Глава 18. Исповедь

Саня


Я сказал, что пожалею? Я свое обещание держу!

Лишь доза адреналина рассасывается в крови, и я жалею! Со всей силы жалею, братаны! Прямо даже не знаю, куда себя деть. Вот надо же было так обосраться?

Следует извиниться, но что сказать?

Прости, Дитрих, что ударил меня по больному? А я в ответ ударил тебя по роже? Между прочим, абсолютно заслуженно. Захотел бы, отправил бы мне ответочку, мы вообще-то в одной весовой категории. Подрались бы, помахались кулаками, расслабились. Может в процессе все бы переросло во что-то поинтимнее, чтоб тебя.

Блин, я поц без закидонов, доебаться до меня сложно. Любую херню скажи, я пожму плечами и забуду через пару минут. Я и с батей Дитриха, честно говоря, сцепился чисто по фану. Повыебываться мне приспичило. Перед Дитрихом. Хотел показать старосте, какой я альфа-самец. Альфа-мудец я, вот кто. Думал, староста восхитится, повиснет на моей шее и не отлепится до самой смерти. Да и адреналин ебашил по мозгам. Стояк пропал, а мозг еще не отошел. Нас прервали, и не буду скрывать, разозлился я знатно.

Но Дитриха мое поведение не впечатлило. Наверное, потому что мы давно не в пятом классе, но я слишком часто об этом забываю. Дуб дубом, короче. Сейчас сижу и понимаю, что обделался феерично. С конфетти в финалочке.

Но и Дитрих хорош. Я бы все снес, но мама — тема запретная. Понимаю, что староста не знает о положении дел в моей семье. Но мне от этого не легче.

Обдумываю и пережёвываю в трамвае все произошедшее, пока еду в бассейн.

В бассейне все два часа, пока на автомате плаваю туда-сюда по дорожке.

По пути домой.

С фанатизмом обдумываю. Аж голова болеть начинает от натуги.

На момент, когда я захожу в коридор теплой квартиры и ощущаю запах жареной картошки, понимаю, что сил терпеть у меня больше нет. Надо все рассказать бате. Срочно.

Скидываю верхнюю одежду и прохожу на кухню. Отец колдует перед плитой, стоя в одних лишь спортивных штанах и зажав в зубах тлеющую сигарету. Мы вообще-то договаривались не курить на кухне! Но оба курим. Любим мы нарушать правила, которые сами же и устанавливаем. Это у нас семейное.

— Пап, — окликаю я его, садясь на табуретку.

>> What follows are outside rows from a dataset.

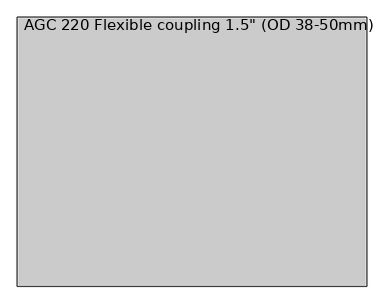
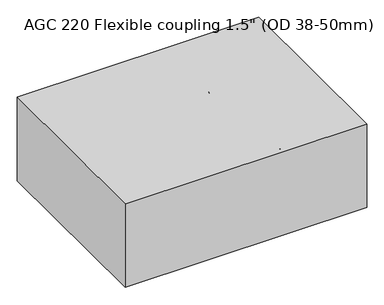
"""IFC4 building model written with IfcOpenShell, lengths in millimetres: unitary equipment geometry."""

from ifc_helpers import new_model, si_unit, point, frame, frame_2d, origin, origin_with_axes, place, context, project, spatial, polyline, circle_curve, ellipse_curve, trimmed, segment, composite_curve, outline, extrude, source, transform, mapped, element, save
from ifc_brep_helpers import plane_surface, cylinder_surface, revolved_surface, advanced_brep


def unitary_equipment_3ba87c7d(model_context):
    return source(origin(), model_context, "Body", "SolidModel", [
        advanced_brep(
        [(-484.5, 277.5, 317.0), (-484.5, 328.5, 317.0), (-478.9, 328.5, 317.0), (-478.9, 277.5, 317.0), (-484.5, 276.5, 317.0), (-484.5, 329.5, 317.0), (-479.6057737, 276.5, 317.0), (-479.6057737, 329.5, 317.0), (-478.0057737, 272.0, 317.0), (-478.0057737, 334.0, 317.0), (-463.6792408, 272.0, 317.0), (-463.6792408, 334.0, 317.0), (-462.1792408, 276.5, 317.0), (-462.1792408, 329.5, 317.0), (-441.1097736, 276.5, 317.0), (-441.1097736, 329.5, 317.0), (-437.1328335, 278.0698448, 317.0), (-437.1328335, 327.9301552, 317.0), (-437.5, 279.0, 317.0), (-437.5, 327.0, 317.0), (-441.3, 277.5, 317.0), (-441.3, 328.5, 317.0), (-462.9, 277.5, 317.0), (-462.9, 328.5, 317.0), (-464.4, 273.0, 317.0), (-464.4, 333.0, 317.0), (-477.3, 273.0, 317.0), (-477.3, 333.0, 317.0)],
        [
            (0, 1, circle_curve(frame((-484.5, 303.0, 317.0), z_axis=(-1.0, 0.0, 0.0), x_axis=(0.0, 1.0, 0.0)), 25.5)),
            (1, 2),
            (2, 3, circle_curve(frame((-478.9, 303.0, 317.0), z_axis=(1.0, 0.0, 0.0), x_axis=(0.0, 1.0, 0.0)), 25.5)),
            (3, 0),
            (1, 0, circle_curve(frame((-484.5, 303.0, 317.0), z_axis=(-1.0, 0.0, 0.0), x_axis=(0.0, 1.0, 0.0)), 25.5)),
            (3, 2, circle_curve(frame((-478.9, 303.0, 317.0), z_axis=(1.0, 0.0, 0.0), x_axis=(0.0, 1.0, 0.0)), 25.5)),
            (4, 5, circle_curve(frame((-484.5, 303.0, 317.0), z_axis=(-1.0, 0.0, 0.0), x_axis=(0.0, 1.0, 0.0)), 26.5)),
            (5, 1),
            (0, 4),
            (5, 4, circle_curve(frame((-484.5, 303.0, 317.0), z_axis=(-1.0, 0.0, 0.0), x_axis=(0.0, 1.0, 0.0)), 26.5)),
            (6, 7, circle_curve(frame((-479.6057737, 303.0, 317.0), z_axis=(-1.0, 0.0, 0.0), x_axis=(0.0, 1.0, 0.0)), 26.5)),
            (7, 5),
            (4, 6),
            (7, 6, circle_curve(frame((-479.6057737, 303.0, 317.0), z_axis=(-1.0, 0.0, 0.0), x_axis=(0.0, 1.0, 0.0)), 26.5)),
            (8, 9, circle_curve(frame((-478.0057737, 303.0, 317.0), z_axis=(-1.0, 0.0, 0.0), x_axis=(0.0, 1.0, 0.0)), 31.0)),
            (9, 7),
            (6, 8),
            (9, 8, circle_curve(frame((-478.0057737, 303.0, 317.0), z_axis=(-1.0, 0.0, 0.0), x_axis=(0.0, 1.0, 0.0)), 31.0)),
            (10, 11, circle_curve(frame((-463.6792408, 303.0, 317.0), z_axis=(-1.0, 0.0, 0.0), x_axis=(0.0, 1.0, 0.0)), 31.0)),
            (11, 9),
            (8, 10),
            (11, 10, circle_curve(frame((-463.6792408, 303.0, 317.0), z_axis=(-1.0, 0.0, 0.0), x_axis=(0.0, 1.0, 0.0)), 31.0)),
            (12, 13, circle_curve(frame((-462.1792408, 303.0, 317.0), z_axis=(-1.0, 0.0, 0.0), x_axis=(0.0, 1.0, 0.0)), 26.5)),
            (13, 11),
            (10, 12),
            (13, 12, circle_curve(frame((-462.1792408, 303.0, 317.0), z_axis=(-1.0, 0.0, 0.0), x_axis=(0.0, 1.0, 0.0)), 26.5)),
            (14, 15, circle_curve(frame((-441.1097736, 303.0, 317.0), z_axis=(-1.0, 0.0, 0.0), x_axis=(0.0, 1.0, 0.0)), 26.5)),
            (15, 13),
            (12, 14),
            (15, 14, circle_curve(frame((-441.1097736, 303.0, 317.0), z_axis=(-1.0, 0.0, 0.0), x_axis=(0.0, 1.0, 0.0)), 26.5)),
            (16, 17, circle_curve(frame((-437.1328335, 303.0, 317.0), z_axis=(-1.0, 0.0, 0.0), x_axis=(0.0, 1.0, 0.0)), 24.9301552)),
            (17, 15),
            (14, 16),
            (17, 16, circle_curve(frame((-437.1328335, 303.0, 317.0), z_axis=(-1.0, 0.0, 0.0), x_axis=(0.0, 1.0, 0.0)), 24.9301552)),
            (18, 19, circle_curve(frame((-437.5, 303.0, 317.0), z_axis=(-1.0, 0.0, 0.0), x_axis=(0.0, 1.0, 0.0)), 24.0)),
            (19, 17),
            (16, 18),
            (19, 18, circle_curve(frame((-437.5, 303.0, 317.0), z_axis=(-1.0, 0.0, 0.0), x_axis=(0.0, 1.0, 0.0)), 24.0)),
            (20, 21, circle_curve(frame((-441.3, 303.0, 317.0), z_axis=(-1.0, 0.0, 0.0), x_axis=(0.0, 1.0, 0.0)), 25.5)),
            (21, 19),
            (18, 20),
            (21, 20, circle_curve(frame((-441.3, 303.0, 317.0), z_axis=(-1.0, 0.0, 0.0), x_axis=(0.0, 1.0, 0.0)), 25.5)),
            (22, 23, circle_curve(frame((-462.9, 303.0, 317.0), z_axis=(-1.0, 0.0, 0.0), x_axis=(0.0, 1.0, 0.0)), 25.5)),
            (23, 21),
            (20, 22),
            (23, 22, circle_curve(frame((-462.9, 303.0, 317.0), z_axis=(-1.0, 0.0, 0.0), x_axis=(0.0, 1.0, 0.0)), 25.5)),
            (24, 25, circle_curve(frame((-464.4, 303.0, 317.0), z_axis=(-1.0, 0.0, 0.0), x_axis=(0.0, 1.0, 0.0)), 30.0)),
            (25, 23),
            (22, 24),
            (25, 24, circle_curve(frame((-464.4, 303.0, 317.0), z_axis=(-1.0, 0.0, 0.0), x_axis=(0.0, 1.0, 0.0)), 30.0)),
            (26, 27, circle_curve(frame((-477.3, 303.0, 317.0), z_axis=(-1.0, 0.0, 0.0), x_axis=(0.0, 1.0, 0.0)), 30.0)),
            (27, 25),
            (24, 26),
            (27, 26, circle_curve(frame((-477.3, 303.0, 317.0), z_axis=(-1.0, 0.0, 0.0), x_axis=(0.0, 1.0, 0.0)), 30.0)),
            (2, 27),
            (26, 3),
        ],
        [
            revolved_surface(polyline([(-478.9, 328.5, 317.0), (-484.5, 328.5, 317.0)]), (-425.031054, 303.0, 317.0), (1.0, 0.0, 0.0)),
            plane_surface(frame((-484.5, 303.0, 317.0), z_axis=(-1.0, 0.0, 0.0), x_axis=(0.0, 1.0, 0.0))),
            cylinder_surface(frame((-425.031054, 303.0, 317.0), z_axis=(1.0, 0.0, 0.0), x_axis=(0.0, 1.0, 0.0)), 26.5),
            revolved_surface(polyline([(-479.6057737, 329.5, 317.0), (-478.0057737, 334.0, 317.0)]), (-425.031054, 303.0, 317.0), (1.0, 0.0, 0.0)),
            cylinder_surface(frame((-425.031054, 303.0, 317.0), z_axis=(1.0, 0.0, 0.0), x_axis=(0.0, 1.0, 0.0)), 31.0),
            revolved_surface(polyline([(-463.6792408, 334.0, 317.0), (-462.1792408, 329.5, 317.0)]), (-425.031054, 303.0, 317.0), (1.0, 0.0, 0.0)),
            revolved_surface(polyline([(-441.1097736, 329.5, 317.0), (-437.1328335, 327.9301552, 317.0)]), (-425.031054, 303.0, 317.0), (1.0, 0.0, 0.0)),
            revolved_surface(polyline([(-437.1328335, 327.9301552, 317.0), (-437.5, 327.0, 317.0)]), (-425.031054, 303.0, 317.0), (1.0, 0.0, 0.0)),
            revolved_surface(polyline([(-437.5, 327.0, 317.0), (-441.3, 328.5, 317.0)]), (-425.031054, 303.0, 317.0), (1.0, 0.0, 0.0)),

Это у себя в голове я называю батю батей, а вслух только папкой, иначе он злится. Говорит, что из-за «бати» чувствует себя седым стариком, которому пора ложиться в гроб.

— О, вернулся, наконец, — слышу в его голосе улыбку. Но ко мне он не поворачивается. Сосредоточен на картохе. В последние три раза он умудрился ее сжечь, но теперь явно настроен серьезно.

— Мне тебе кое-что сказать надо, — бормочу я себе под нос. — Даже не кое-что, а много всего, — впервые разговор дается мне с таким трудом.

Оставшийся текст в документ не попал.